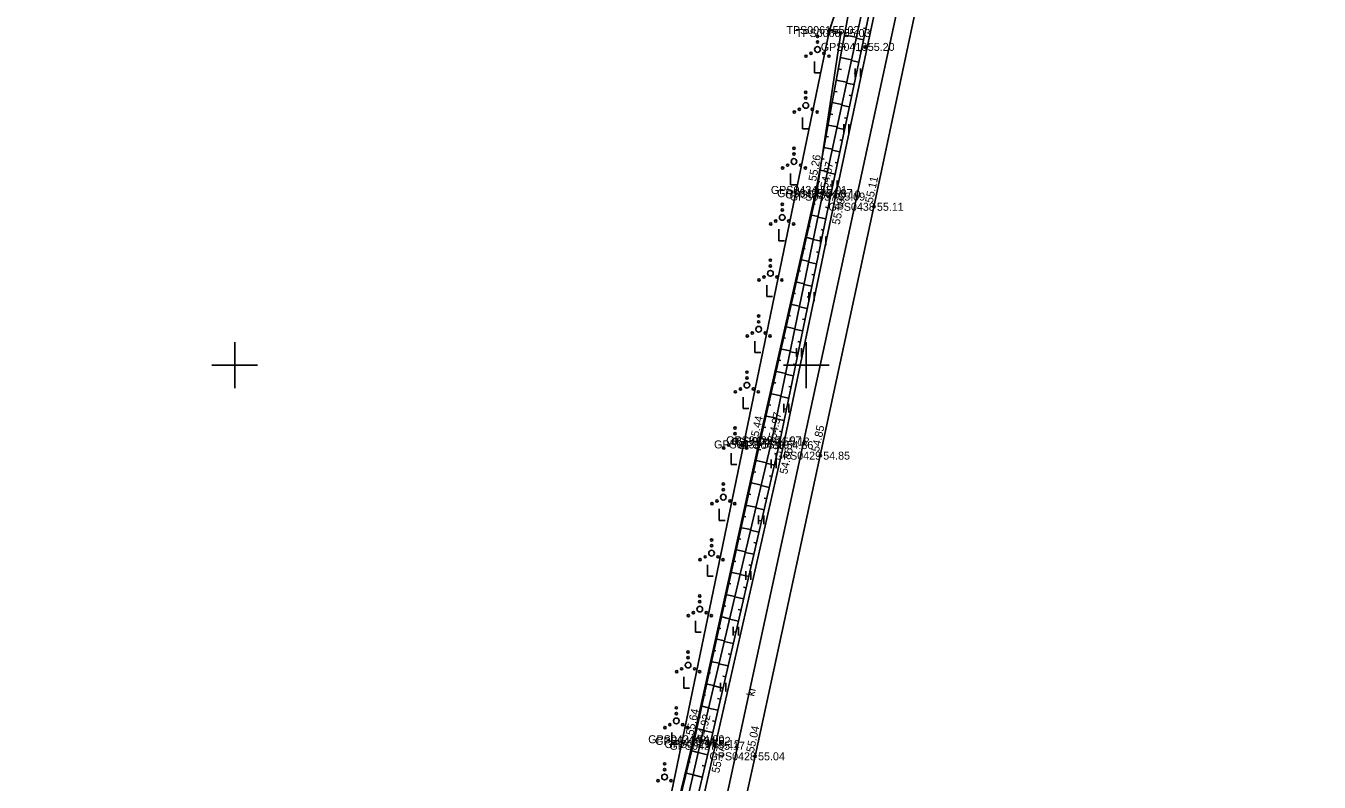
# Model space of a CAD drawing. Extents: x 551623 to 559850, y 6561220 to 6567135.
# Drawn here: x 556681.7 to 556794.9, y 6563363.5 to 6563429.7 of the extents above; entities that cross this region are included whole.
import ezdxf

# ---------------------------------------------------------------- set-up
doc = ezdxf.new("R2010")
doc.units = 0
for name, color, linetype in [('HALJASTUS', 7, 'Continuous'), ('KORGUS-EH2000', 7, 'Continuous'), ('MOOTKORG-EH2000', 7, 'Continuous'), ('MOOTMPUNKT', 7, 'Continuous'), ('MOOTNR', 7, 'Continuous'), ('MOOTPIIR', 7, 'Continuous'), ('PIIR', 7, 'Continuous'), ('RELJEEF', 7, 'Continuous'), ('TEE', 7, 'Continuous'), ('VORK', 7, 'Continuous')]:
    doc.layers.add(name, color=color, linetype=linetype)

msp = doc.modelspace()

# ---------------------------------------------------------------- linework, layer by layer
at = {"layer": 'HALJASTUS'}
for p, q in [((556750.72, 6563426.55), (556750.72, 6563425.55)), ((556750.72, 6563425.55), (556751.22, 6563425.55)), ((556754.29, 6563425.95), (556754.29, 6563425.19)), ((556754.75, 6563425.95), (556754.75, 6563425.19)), ((556749.68, 6563421.66), (556749.68, 6563420.66)), ((556753.28, 6563421.06), (556753.28, 6563420.29)), ((556753.73, 6563421.06), (556753.73, 6563420.29)), ((556749.68, 6563420.66), (556750.18, 6563420.66)), ((556748.64, 6563416.77), (556748.64, 6563415.77)), ((556748.64, 6563415.77), (556749.14, 6563415.77)), ((556752.26, 6563416.16), (556752.26, 6563415.4)), ((556752.72, 6563416.16), (556752.72, 6563415.4)), ((556747.6, 6563411.88), (556747.6, 6563410.88)), ((556747.6, 6563410.88), (556748.1, 6563410.88)), ((556751.25, 6563411.26), (556751.25, 6563410.5)), ((556751.71, 6563411.26), (556751.71, 6563410.5)), ((556746.56, 6563406.99), (556746.56, 6563405.99)), ((556750.24, 6563406.37), (556750.24, 6563405.61)), ((556750.69, 6563406.37), (556750.69, 6563405.61)), ((556746.56, 6563405.99), (556747.06, 6563405.99)), ((556745.52, 6563402.1), (556745.52, 6563401.1)), ((556745.52, 6563401.1), (556746.02, 6563401.1)), ((556749.14, 6563401.49), (556749.14, 6563400.73)), ((556749.59, 6563401.49), (556749.59, 6563400.73)), ((556744.48, 6563397.21), (556744.48, 6563396.21)), ((556744.48, 6563396.21), (556744.98, 6563396.21)), ((556748.03, 6563396.61), (556748.03, 6563395.85)), ((556748.49, 6563396.61), (556748.49, 6563395.85)), ((556743.44, 6563392.32), (556743.44, 6563391.32)), ((556746.93, 6563391.74), (556746.93, 6563390.98)), ((556747.38, 6563391.74), (556747.38, 6563390.98)), ((556743.44, 6563391.32), (556743.94, 6563391.32)), ((556742.4, 6563387.43), (556742.4, 6563386.43)), ((556742.4, 6563386.43), (556742.9, 6563386.43)), ((556745.82, 6563386.86), (556745.82, 6563386.1)), ((556746.28, 6563386.86), (556746.28, 6563386.1)), ((556741.36, 6563382.54), (556741.36, 6563381.54)), ((556741.36, 6563381.54), (556741.86, 6563381.54)), ((556744.72, 6563381.98), (556744.72, 6563381.22)), ((556745.17, 6563381.98), (556745.17, 6563381.22)), ((556740.32, 6563377.65), (556740.32, 6563376.65)), ((556743.62, 6563377.11), (556743.62, 6563376.35)), ((556744.07, 6563377.11), (556744.07, 6563376.35)), ((556740.32, 6563376.65), (556740.82, 6563376.65)), ((556739.28, 6563372.76), (556739.28, 6563371.76)), ((556742.51, 6563372.23), (556742.51, 6563371.47)), ((556742.97, 6563372.23), (556742.97, 6563371.47)), ((556739.28, 6563371.76), (556739.78, 6563371.76)), ((556738.24, 6563367.87), (556738.24, 6563366.87)), ((556738.24, 6563366.87), (556738.74, 6563366.87)), ((556741.41, 6563367.35), (556741.41, 6563366.59)), ((556741.86, 6563367.35), (556741.86, 6563366.59))]:
    msp.add_line(p, q, dxfattribs=at)
msp.add_lwpolyline([(556752.05, 6563429.3), (556753.02, 6563429.04), (556750.97, 6563415.32), (556745.92, 6563393.07), (556740.24, 6563367.29), (556734.99, 6563345.72), (556730.18, 6563321.97), (556724.64, 6563294.5)], dxfattribs=at)
for centre, radius in [((556750.99, 6563428.75), 0.1), ((556750.99, 6563427.6), 0.25), ((556750.99, 6563428.25), 0.1), ((556749.99, 6563427.02), 0.1), ((556750.42, 6563427.27), 0.1), ((556751.55, 6563427.27), 0.1), ((556751.99, 6563427.02), 0.1), ((556749.96, 6563423.86), 0.1), ((556749.96, 6563423.36), 0.1), ((556748.96, 6563422.13), 0.1), ((556749.4, 6563422.38), 0.1), ((556749.96, 6563422.71), 0.25), ((556750.53, 6563422.38), 0.1), ((556750.96, 6563422.13), 0.1), ((556748.93, 6563418.96), 0.1), ((556748.37, 6563417.49), 0.1), ((556748.93, 6563417.81), 0.25), ((556748.93, 6563418.46), 0.1), ((556749.5, 6563417.49), 0.1), ((556747.93, 6563417.24), 0.1), ((556749.93, 6563417.24), 0.1), ((556747.9, 6563414.07), 0.1), ((556747.9, 6563412.92), 0.25), ((556747.9, 6563413.57), 0.1), ((556746.9, 6563412.35), 0.1), ((556747.34, 6563412.6), 0.1), ((556748.47, 6563412.6), 0.1), ((556748.9, 6563412.35), 0.1), ((556746.87, 6563409.18), 0.1), ((556746.87, 6563408.68), 0.1), ((556745.87, 6563407.45), 0.1), ((556746.31, 6563407.7), 0.1), ((556746.87, 6563408.03), 0.25), ((556747.44, 6563407.7), 0.1), ((556747.87, 6563407.45), 0.1), ((556745.84, 6563404.29), 0.1), ((556745.84, 6563403.79), 0.1), ((556745.28, 6563402.81), 0.1), ((556745.84, 6563403.14), 0.25), ((556746.41, 6563402.81), 0.1), ((556744.84, 6563402.56), 0.1), ((556746.84, 6563402.56), 0.1), ((556744.81, 6563399.39), 0.1), ((556744.81, 6563398.24), 0.25), ((556744.81, 6563398.89), 0.1), ((556743.81, 6563397.67), 0.1), ((556744.25, 6563397.92), 0.1), ((556745.38, 6563397.92), 0.1), ((556745.81, 6563397.67), 0.1), ((556743.78, 6563394.5), 0.1), ((556743.78, 6563394), 0.1), ((556742.78, 6563392.77), 0.1), ((556743.22, 6563393.02), 0.1), ((556743.78, 6563393.35), 0.25), ((556744.35, 6563393.02), 0.1), ((556744.78, 6563392.77), 0.1), ((556742.75, 6563389.61), 0.1), ((556742.75, 6563389.11), 0.1), ((556742.19, 6563388.13), 0.1), ((556742.75, 6563388.46), 0.25), ((556743.32, 6563388.13), 0.1), ((556741.75, 6563387.88), 0.1), ((556743.75, 6563387.88), 0.1), ((556741.72, 6563384.71), 0.1), ((556741.72, 6563383.56), 0.25), ((556741.72, 6563384.21), 0.1), ((556740.72, 6563382.99), 0.1), ((556741.16, 6563383.24), 0.1), ((556742.29, 6563383.24), 0.1), ((556742.72, 6563382.99), 0.1), ((556740.69, 6563379.82), 0.1), ((556740.69, 6563379.32), 0.1), ((556739.69, 6563378.1), 0.1), ((556740.13, 6563378.35), 0.1), ((556740.69, 6563378.67), 0.25), ((556741.26, 6563378.35), 0.1), ((556741.69, 6563378.1), 0.1), ((556739.67, 6563374.93), 0.1), ((556739.67, 6563374.43), 0.1), ((556739.1, 6563373.45), 0.1), ((556739.67, 6563373.78), 0.25), ((556740.23, 6563373.45), 0.1), ((556738.67, 6563373.2), 0.1), ((556740.67, 6563373.2), 0.1), ((556738.64, 6563370.04), 0.1), ((556738.64, 6563368.89), 0.25), ((556738.64, 6563369.54), 0.1), ((556737.64, 6563368.31), 0.1), ((556738.07, 6563368.56), 0.1), ((556739.2, 6563368.56), 0.1), ((556739.64, 6563368.31), 0.1), ((556737.61, 6563365.14), 0.1), ((556737.61, 6563364.64), 0.1), ((556737.04, 6563363.67), 0.1), ((556737.61, 6563363.99), 0.25), ((556738.17, 6563363.67), 0.1)]:
    msp.add_circle(centre, radius, dxfattribs=at)
at = {"layer": 'KORGUS-EH2000'}
for centre in [(556752.05, 6563429.3), (556750.87, 6563415.32), (556751.45, 6563415.04), (556752.55, 6563414.74), (556755.93, 6563413.85), (556745.82, 6563393.07), (556746.99, 6563393.43), (556748.02, 6563393.01), (556751.23, 6563392.09), (556740.14, 6563367.29), (556740.78, 6563367.15), (556742.03, 6563366.72), (556745.53, 6563365.8)]:
    msp.add_circle(centre, 0.1, dxfattribs=at)
at = {"layer": 'MOOTMPUNKT'}
for centre in [(556752.05, 6563429.3), (556753.02, 6563429.04), (556755.13, 6563427.83), (556750.97, 6563415.32), (556751.45, 6563415.04), (556752.15, 6563414.93), (556752.55, 6563414.74), (556755.93, 6563413.85), (556745.92, 6563393.07), (556746.99, 6563393.43), (556747.69, 6563393.32), (556748.02, 6563393.01), (556751.23, 6563392.09), (556740.24, 6563367.29), (556740.78, 6563367.15), (556741.59, 6563366.87), (556742.03, 6563366.72), (556745.53, 6563365.8)]:
    msp.add_circle(centre, 0.1, dxfattribs=at)
at = {"layer": 'MOOTPIIR'}
for points in [[(556838.11, 6563834.55), (556835.41, 6563819.71), (556832.84, 6563805.21), (556829.97, 6563791.05), (556817.02, 6563726.91), (556811.4, 6563702.98), (556809.87, 6563694.7), (556802.57, 6563656), (556787.2, 6563585.15), (556769.06, 6563503.89), (556765.06, 6563485.61), (556759.97, 6563461.04), (556756.48, 6563442.49), (556752.05, 6563429.3), (556734.71, 6563345.75), (556730.03, 6563322.01), (556724.17, 6563296.08)], [(556729.29, 6563292.9), (556735.48, 6563320.27), (556740.75, 6563344.33), (556745.53, 6563365.8), (556751.23, 6563392.09), (556755.93, 6563413.85), (556759.83, 6563432.26), (556765.34, 6563459.93), (556770.39, 6563483.2), (556774.26, 6563501.22), (556779.1, 6563523.16), (556783.96, 6563544), (556788.05, 6563560.08), (556792.78, 6563582.54)]]:
    msp.add_lwpolyline(points, dxfattribs=at)
at = {"layer": 'PIIR'}
for points in [[(556692.98, 6563093.02), (556685.3, 6563096.1), (556759.6, 6563438.6), (556879.9, 6563970.48), (556916.82, 6563976.19), (557019.97, 6563895.21), (557017.46, 6563837.28), (557005.87, 6563342.24), (557215.7, 6563357.7), (557240.89, 6563286.87), (557262.52, 6563223.53), (557224.32, 6563129.01), (557161.59, 6562973.57), (557123.42, 6562995.07), (557058.18, 6562998.97)], [(555805.16, 6562850.3), (555826.95, 6563063.64), (555846.51, 6563164.12), (555894.51, 6563325.36), (556136, 6563572.22), (556237.49, 6563672.14), (556288.75, 6563676.33), (556560.07, 6563698.51), (556620.28, 6563801.97), (556702.51, 6563943.25), (556780.4, 6563955.1), (556879.9, 6563970.48), (556759.6, 6563438.6), (556685.3, 6563096.1), (556692.98, 6563093.02), (556667.97, 6562987.78), (556646.18, 6562894.39), (556231.34, 6562873.47), (556132.45, 6562866.66), (555973.8, 6562858.59)]]:
    msp.add_lwpolyline(points, close=True, dxfattribs=at)
at = {"layer": 'RELJEEF'}
for p, q in [((556753.34, 6563428.86), (556754.39, 6563428.67)), ((556755.21, 6563429.43), (556755.02, 6563429.47)), ((556753.16, 6563427.87), (556753.47, 6563427.82)), ((556755.01, 6563428.45), (556754.37, 6563428.58)), ((556752.98, 6563426.89), (556753.96, 6563426.71)), ((556754.59, 6563426.49), (556753.95, 6563426.63)), ((556754.8, 6563427.47), (556754.61, 6563427.51)), ((556752.8, 6563425.91), (556753.09, 6563425.85)), ((556754.39, 6563425.51), (556754.19, 6563425.55)), ((556752.62, 6563424.92), (556753.54, 6563424.76)), ((556754.18, 6563424.53), (556753.52, 6563424.67)), ((556752.45, 6563423.94), (556752.71, 6563423.89)), ((556753.97, 6563423.56), (556753.77, 6563423.6)), ((556752.27, 6563422.96), (556753.12, 6563422.8)), ((556753.77, 6563422.58), (556753.1, 6563422.72)), ((556751.91, 6563420.99), (556752.7, 6563420.84)), ((556752.09, 6563421.97), (556752.33, 6563421.93)), ((556753.56, 6563421.6), (556753.36, 6563421.64)), ((556751.73, 6563420), (556751.95, 6563419.96)), ((556753.35, 6563420.62), (556752.68, 6563420.76)), ((556751.55, 6563419.02), (556752.28, 6563418.89)), ((556752.94, 6563418.66), (556752.26, 6563418.81)), ((556753.14, 6563419.64), (556752.94, 6563419.69)), ((556751.37, 6563418.04), (556751.58, 6563418)), ((556752.73, 6563417.69), (556752.53, 6563417.73)), ((556751.19, 6563417.05), (556751.86, 6563416.93)), ((556752.52, 6563416.71), (556751.84, 6563416.85)), ((556751.01, 6563416.07), (556751.2, 6563416.03)), ((556752.32, 6563415.73), (556752.11, 6563415.77)), ((556750.6, 6563414.11), (556750.79, 6563414.07)), ((556750.82, 6563415.09), (556751.43, 6563414.95)), ((556752.11, 6563414.75), (556751.42, 6563414.89)), ((556750.38, 6563413.14), (556751.02, 6563412.99)), ((556751.71, 6563412.79), (556751.01, 6563412.93)), ((556751.91, 6563413.77), (556751.7, 6563413.81)), ((556750.15, 6563412.16), (556750.35, 6563412.12)), ((556751.5, 6563411.81), (556751.3, 6563411.86)), ((556749.93, 6563411.19), (556750.62, 6563411.03)), ((556751.3, 6563410.83), (556750.61, 6563410.98)), ((556749.71, 6563410.21), (556749.92, 6563410.16)), ((556751.1, 6563409.85), (556750.89, 6563409.9)), ((556749.49, 6563409.24), (556750.22, 6563409.07)), ((556750.9, 6563408.87), (556750.2, 6563409.02)), ((556749.05, 6563407.29), (556749.81, 6563407.11)), ((556749.27, 6563408.26), (556749.49, 6563408.21)), ((556750.7, 6563407.9), (556750.49, 6563407.94)), ((556748.83, 6563406.31), (556749.06, 6563406.26)), ((556750.49, 6563406.92), (556749.8, 6563407.06)), ((556748.61, 6563405.34), (556749.41, 6563405.15)), ((556750.09, 6563404.96), (556749.4, 6563405.1)), ((556750.29, 6563405.94), (556750.08, 6563405.98)), ((556748.39, 6563404.36), (556748.63, 6563404.3)), ((556749.89, 6563403.98), (556749.68, 6563404.02)), ((556748.16, 6563403.38), (556749, 6563403.19)), ((556749.69, 6563403), (556748.99, 6563403.14)), ((556747.94, 6563402.41), (556748.2, 6563402.35)), ((556749.48, 6563402.02), (556749.28, 6563402.06)), ((556747.72, 6563401.43), (556748.6, 6563401.24)), ((556749.28, 6563401.04), (556748.59, 6563401.18)), ((556747.28, 6563399.48), (556748.19, 6563399.28)), ((556747.5, 6563400.46), (556747.77, 6563400.4)), ((556749.08, 6563400.06), (556748.87, 6563400.1)), ((556747.06, 6563398.51), (556747.34, 6563398.44)), ((556748.88, 6563399.08), (556748.18, 6563399.22)), ((556746.84, 6563397.53), (556747.79, 6563397.32)), ((556748.48, 6563397.12), (556747.78, 6563397.27)), ((556748.68, 6563398.1), (556748.47, 6563398.14)), ((556746.62, 6563396.56), (556746.91, 6563396.49)), ((556748.27, 6563396.14), (556748.06, 6563396.19)), ((556746.4, 6563395.58), (556747.38, 6563395.36)), ((556748.07, 6563395.16), (556747.37, 6563395.31)), ((556746.17, 6563394.61), (556746.48, 6563394.54)), ((556747.87, 6563394.18), (556747.66, 6563394.23)), ((556745.73, 6563392.66), (556746.04, 6563392.59)), ((556745.95, 6563393.63), (556746.98, 6563393.4)), ((556747.66, 6563393.2), (556746.97, 6563393.36)), ((556745.52, 6563391.68), (556746.52, 6563391.46)), ((556747.44, 6563392.23), (556747.23, 6563392.28)), ((556745.3, 6563390.7), (556745.6, 6563390.64)), ((556747.22, 6563391.26), (556746.51, 6563391.42)), ((556746.99, 6563390.28), (556746.78, 6563390.33)), ((556745.09, 6563389.73), (556746.06, 6563389.51)), ((556746.77, 6563389.31), (556746.05, 6563389.47)), ((556744.87, 6563388.75), (556745.16, 6563388.69)), ((556746.54, 6563388.33), (556746.33, 6563388.38)), ((556744.66, 6563387.77), (556745.6, 6563387.57)), ((556746.32, 6563387.36), (556745.59, 6563387.53)), ((556744.23, 6563385.82), (556745.14, 6563385.62)), ((556744.44, 6563386.8), (556744.72, 6563386.74)), ((556746.09, 6563386.38), (556745.87, 6563386.43)), ((556744.01, 6563384.84), (556744.28, 6563384.78)), ((556745.87, 6563385.41), (556745.13, 6563385.58)), ((556743.79, 6563383.87), (556744.68, 6563383.67)), ((556745.42, 6563383.46), (556744.67, 6563383.63)), ((556745.64, 6563384.43), (556745.42, 6563384.49)), ((556743.58, 6563382.89), (556743.84, 6563382.83)), ((556745.19, 6563382.49), (556744.97, 6563382.54)), ((556743.36, 6563381.91), (556744.22, 6563381.73)), ((556744.97, 6563381.51), (556744.21, 6563381.69)), ((556743.15, 6563380.94), (556743.4, 6563380.88)), ((556744.74, 6563380.54), (556744.52, 6563380.59)), ((556742.93, 6563379.96), (556743.76, 6563379.78)), ((556744.52, 6563379.56), (556743.75, 6563379.74)), ((556742.5, 6563378.01), (556743.3, 6563377.83)), ((556742.72, 6563378.99), (556742.96, 6563378.93)), ((556744.3, 6563378.59), (556744.06, 6563378.64)), ((556742.29, 6563377.03), (556742.52, 6563376.98)), ((556744.07, 6563377.61), (556743.29, 6563377.79)), ((556742.07, 6563376.06), (556742.84, 6563375.89)), ((556743.62, 6563375.66), (556742.83, 6563375.85)), ((556743.85, 6563376.64), (556743.61, 6563376.69)), ((556741.85, 6563375.08), (556742.08, 6563375.03)), ((556743.4, 6563374.69), (556743.16, 6563374.75)), ((556741.64, 6563374.1), (556742.38, 6563373.94)), ((556743.17, 6563373.72), (556742.37, 6563373.9)), ((556741.42, 6563373.13), (556741.64, 6563373.08)), ((556742.95, 6563372.74), (556742.71, 6563372.8)), ((556740.99, 6563371.17), (556741.2, 6563371.13)), ((556741.21, 6563372.15), (556741.92, 6563371.99)), ((556742.72, 6563371.77), (556741.91, 6563371.95)), ((556740.78, 6563370.2), (556741.46, 6563370.05)), ((556742.27, 6563369.82), (556741.45, 6563370.01)), ((556742.5, 6563370.79), (556742.25, 6563370.85)), ((556740.56, 6563369.22), (556740.76, 6563369.18)), ((556742.05, 6563368.84), (556741.8, 6563368.9)), ((556740.35, 6563368.24), (556741, 6563368.1)), ((556741.82, 6563367.87), (556740.99, 6563368.06)), ((556741.6, 6563366.89), (556741.35, 6563366.95)), ((556739.89, 6563366.3), (556740.55, 6563366.14)), ((556741.37, 6563365.92), (556740.54, 6563366.12)), ((556739.42, 6563364.35), (556740.1, 6563364.19)), ((556739.66, 6563365.32), (556739.86, 6563365.28)), ((556741.14, 6563364.95), (556740.89, 6563365.01)), ((556740.91, 6563363.98), (556740.1, 6563364.17))]:
    msp.add_line(p, q, dxfattribs=at)
for points in [[(556788.59, 6563584.23), (556783.65, 6563561.56), (556779.99, 6563544.9), (556774.7, 6563524.07), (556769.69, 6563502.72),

*Task to carry out*.
Across the data, tally the lines containing "RELJEEF" and give back the number alone.

*Answer to this exercise*.
2